Work to complete ::
Going through the lines below, tally those that include "layer", and give only the number.

Provided records ::

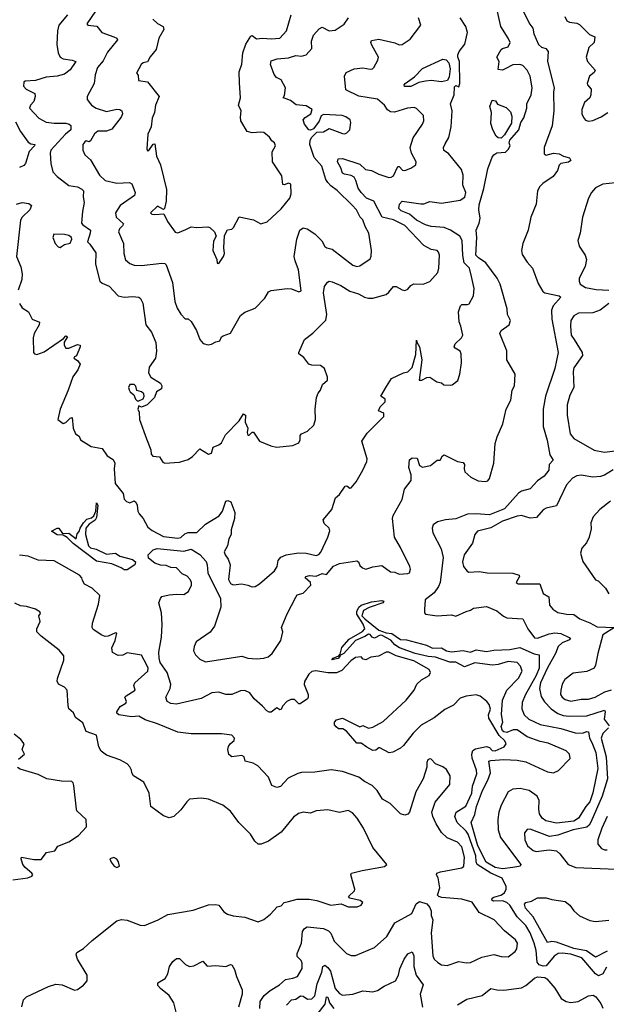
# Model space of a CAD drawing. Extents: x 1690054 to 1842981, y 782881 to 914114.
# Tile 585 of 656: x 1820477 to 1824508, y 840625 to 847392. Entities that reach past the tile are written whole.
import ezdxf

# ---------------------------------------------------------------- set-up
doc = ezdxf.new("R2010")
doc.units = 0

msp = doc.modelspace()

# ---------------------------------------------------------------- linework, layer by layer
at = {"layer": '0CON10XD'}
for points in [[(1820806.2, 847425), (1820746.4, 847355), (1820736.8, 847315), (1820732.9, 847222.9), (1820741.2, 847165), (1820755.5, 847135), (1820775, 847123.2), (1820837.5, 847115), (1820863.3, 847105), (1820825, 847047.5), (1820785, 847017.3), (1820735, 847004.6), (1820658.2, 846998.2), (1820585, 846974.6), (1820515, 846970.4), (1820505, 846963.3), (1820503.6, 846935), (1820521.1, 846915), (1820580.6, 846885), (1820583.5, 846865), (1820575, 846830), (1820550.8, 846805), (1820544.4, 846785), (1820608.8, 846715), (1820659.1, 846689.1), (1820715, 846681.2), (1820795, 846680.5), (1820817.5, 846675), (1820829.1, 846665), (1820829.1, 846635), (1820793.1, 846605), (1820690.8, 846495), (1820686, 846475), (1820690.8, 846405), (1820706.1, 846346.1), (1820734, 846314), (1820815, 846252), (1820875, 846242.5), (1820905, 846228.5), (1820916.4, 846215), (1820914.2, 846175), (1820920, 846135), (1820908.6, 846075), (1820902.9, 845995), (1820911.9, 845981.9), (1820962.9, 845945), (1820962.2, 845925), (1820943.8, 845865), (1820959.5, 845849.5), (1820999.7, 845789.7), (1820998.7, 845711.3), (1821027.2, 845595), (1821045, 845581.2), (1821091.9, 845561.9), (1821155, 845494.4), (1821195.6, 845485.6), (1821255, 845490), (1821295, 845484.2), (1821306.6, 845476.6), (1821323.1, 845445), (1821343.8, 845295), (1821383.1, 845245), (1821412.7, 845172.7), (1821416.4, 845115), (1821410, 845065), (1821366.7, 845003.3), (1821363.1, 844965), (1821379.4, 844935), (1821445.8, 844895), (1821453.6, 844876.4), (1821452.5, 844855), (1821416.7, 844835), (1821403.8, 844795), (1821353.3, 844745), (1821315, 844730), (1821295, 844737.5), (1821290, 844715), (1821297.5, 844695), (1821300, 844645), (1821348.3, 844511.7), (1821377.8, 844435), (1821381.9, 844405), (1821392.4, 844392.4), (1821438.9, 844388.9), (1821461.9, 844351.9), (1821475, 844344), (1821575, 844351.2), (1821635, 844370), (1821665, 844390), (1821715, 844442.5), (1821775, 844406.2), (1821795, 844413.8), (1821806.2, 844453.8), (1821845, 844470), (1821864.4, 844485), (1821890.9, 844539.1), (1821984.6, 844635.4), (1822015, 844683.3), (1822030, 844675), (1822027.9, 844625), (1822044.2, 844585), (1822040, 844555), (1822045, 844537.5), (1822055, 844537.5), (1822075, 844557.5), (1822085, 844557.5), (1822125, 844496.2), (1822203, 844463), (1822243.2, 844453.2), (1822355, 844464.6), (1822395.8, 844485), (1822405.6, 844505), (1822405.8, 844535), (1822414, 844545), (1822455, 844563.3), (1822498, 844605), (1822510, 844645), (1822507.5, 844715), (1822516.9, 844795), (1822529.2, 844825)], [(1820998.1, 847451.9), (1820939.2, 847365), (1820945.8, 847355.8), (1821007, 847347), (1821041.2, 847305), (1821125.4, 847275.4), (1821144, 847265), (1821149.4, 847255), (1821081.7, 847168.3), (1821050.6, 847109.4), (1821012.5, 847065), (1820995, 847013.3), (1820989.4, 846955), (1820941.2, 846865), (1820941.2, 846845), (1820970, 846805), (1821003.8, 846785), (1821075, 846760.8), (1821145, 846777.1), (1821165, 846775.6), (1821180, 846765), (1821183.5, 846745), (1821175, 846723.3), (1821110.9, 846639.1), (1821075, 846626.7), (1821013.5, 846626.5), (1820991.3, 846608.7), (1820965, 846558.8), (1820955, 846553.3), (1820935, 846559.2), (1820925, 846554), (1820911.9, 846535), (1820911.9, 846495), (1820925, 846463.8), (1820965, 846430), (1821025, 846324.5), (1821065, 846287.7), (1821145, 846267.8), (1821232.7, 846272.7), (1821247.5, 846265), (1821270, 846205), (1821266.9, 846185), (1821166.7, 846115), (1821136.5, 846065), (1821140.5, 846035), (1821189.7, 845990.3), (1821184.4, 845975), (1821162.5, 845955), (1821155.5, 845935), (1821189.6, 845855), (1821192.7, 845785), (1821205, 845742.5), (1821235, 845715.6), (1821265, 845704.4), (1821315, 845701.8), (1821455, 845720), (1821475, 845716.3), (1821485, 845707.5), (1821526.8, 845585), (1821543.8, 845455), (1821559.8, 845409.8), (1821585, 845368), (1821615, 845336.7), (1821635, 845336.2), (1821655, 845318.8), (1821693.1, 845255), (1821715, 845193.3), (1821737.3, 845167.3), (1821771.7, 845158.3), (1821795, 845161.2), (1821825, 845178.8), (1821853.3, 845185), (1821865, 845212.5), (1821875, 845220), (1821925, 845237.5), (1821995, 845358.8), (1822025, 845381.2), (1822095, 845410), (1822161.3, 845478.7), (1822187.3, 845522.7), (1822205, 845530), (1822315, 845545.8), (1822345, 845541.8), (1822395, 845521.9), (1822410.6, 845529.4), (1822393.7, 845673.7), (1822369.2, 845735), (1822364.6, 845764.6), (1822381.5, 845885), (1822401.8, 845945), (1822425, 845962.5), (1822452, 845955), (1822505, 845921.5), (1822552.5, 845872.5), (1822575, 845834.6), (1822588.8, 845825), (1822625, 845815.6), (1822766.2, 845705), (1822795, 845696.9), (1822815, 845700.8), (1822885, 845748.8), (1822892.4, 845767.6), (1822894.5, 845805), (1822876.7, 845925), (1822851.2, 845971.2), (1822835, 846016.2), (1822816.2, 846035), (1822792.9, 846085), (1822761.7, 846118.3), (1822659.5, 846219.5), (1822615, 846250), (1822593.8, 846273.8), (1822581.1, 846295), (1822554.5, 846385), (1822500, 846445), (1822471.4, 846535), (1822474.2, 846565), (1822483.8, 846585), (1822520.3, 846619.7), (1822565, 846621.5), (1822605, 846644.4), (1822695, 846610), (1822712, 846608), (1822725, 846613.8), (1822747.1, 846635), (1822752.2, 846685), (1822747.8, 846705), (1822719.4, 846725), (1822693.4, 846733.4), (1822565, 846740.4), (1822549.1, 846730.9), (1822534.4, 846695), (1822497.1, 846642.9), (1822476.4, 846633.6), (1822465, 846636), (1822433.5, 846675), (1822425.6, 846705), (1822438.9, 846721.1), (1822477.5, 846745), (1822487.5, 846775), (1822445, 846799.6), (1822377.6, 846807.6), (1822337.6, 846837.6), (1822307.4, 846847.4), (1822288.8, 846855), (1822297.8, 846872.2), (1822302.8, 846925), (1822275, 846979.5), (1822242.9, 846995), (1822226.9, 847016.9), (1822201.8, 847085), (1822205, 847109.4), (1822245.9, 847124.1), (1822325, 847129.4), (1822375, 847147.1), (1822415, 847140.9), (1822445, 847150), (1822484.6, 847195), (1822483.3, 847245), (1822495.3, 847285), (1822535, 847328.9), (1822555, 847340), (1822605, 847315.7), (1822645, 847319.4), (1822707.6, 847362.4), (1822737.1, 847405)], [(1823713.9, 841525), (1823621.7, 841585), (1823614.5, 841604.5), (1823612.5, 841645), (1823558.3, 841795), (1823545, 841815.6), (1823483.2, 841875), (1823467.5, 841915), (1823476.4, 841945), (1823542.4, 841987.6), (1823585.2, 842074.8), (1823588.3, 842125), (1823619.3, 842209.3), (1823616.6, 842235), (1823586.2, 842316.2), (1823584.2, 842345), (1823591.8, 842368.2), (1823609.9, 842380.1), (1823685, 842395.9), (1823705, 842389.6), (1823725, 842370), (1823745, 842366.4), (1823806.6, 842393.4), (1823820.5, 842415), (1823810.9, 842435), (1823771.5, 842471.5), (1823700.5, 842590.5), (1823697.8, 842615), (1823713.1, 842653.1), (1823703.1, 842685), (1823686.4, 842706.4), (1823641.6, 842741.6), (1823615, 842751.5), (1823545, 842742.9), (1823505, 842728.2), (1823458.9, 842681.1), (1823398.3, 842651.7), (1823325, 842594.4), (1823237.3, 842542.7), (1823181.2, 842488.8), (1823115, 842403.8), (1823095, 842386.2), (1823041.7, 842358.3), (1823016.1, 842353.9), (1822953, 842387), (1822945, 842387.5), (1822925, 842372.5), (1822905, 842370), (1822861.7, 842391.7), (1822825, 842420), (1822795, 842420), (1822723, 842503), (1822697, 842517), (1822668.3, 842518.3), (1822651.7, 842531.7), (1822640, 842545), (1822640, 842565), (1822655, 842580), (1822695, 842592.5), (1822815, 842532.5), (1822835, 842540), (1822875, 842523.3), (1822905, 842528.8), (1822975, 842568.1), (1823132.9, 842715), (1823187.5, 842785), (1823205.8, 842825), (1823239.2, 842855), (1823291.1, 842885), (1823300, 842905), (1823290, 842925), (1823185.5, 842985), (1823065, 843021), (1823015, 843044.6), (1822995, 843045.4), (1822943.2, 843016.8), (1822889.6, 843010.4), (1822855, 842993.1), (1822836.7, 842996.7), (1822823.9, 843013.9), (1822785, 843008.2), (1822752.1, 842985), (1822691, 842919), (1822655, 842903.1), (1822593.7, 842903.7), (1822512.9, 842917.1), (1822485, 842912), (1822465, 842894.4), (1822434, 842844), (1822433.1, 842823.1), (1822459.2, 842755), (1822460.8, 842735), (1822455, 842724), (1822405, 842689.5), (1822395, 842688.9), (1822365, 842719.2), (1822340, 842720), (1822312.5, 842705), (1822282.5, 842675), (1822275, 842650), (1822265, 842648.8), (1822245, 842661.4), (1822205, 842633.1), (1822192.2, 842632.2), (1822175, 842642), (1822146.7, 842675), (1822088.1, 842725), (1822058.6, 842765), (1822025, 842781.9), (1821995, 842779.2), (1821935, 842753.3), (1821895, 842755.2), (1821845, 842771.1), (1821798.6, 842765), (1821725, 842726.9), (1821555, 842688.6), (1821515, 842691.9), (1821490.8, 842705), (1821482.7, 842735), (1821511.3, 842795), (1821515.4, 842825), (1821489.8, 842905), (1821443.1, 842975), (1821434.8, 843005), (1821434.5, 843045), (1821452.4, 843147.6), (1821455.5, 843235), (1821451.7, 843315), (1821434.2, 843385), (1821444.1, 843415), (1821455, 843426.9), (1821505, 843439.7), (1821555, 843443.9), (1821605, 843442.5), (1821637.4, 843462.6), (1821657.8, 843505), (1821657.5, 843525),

Task answer ::
2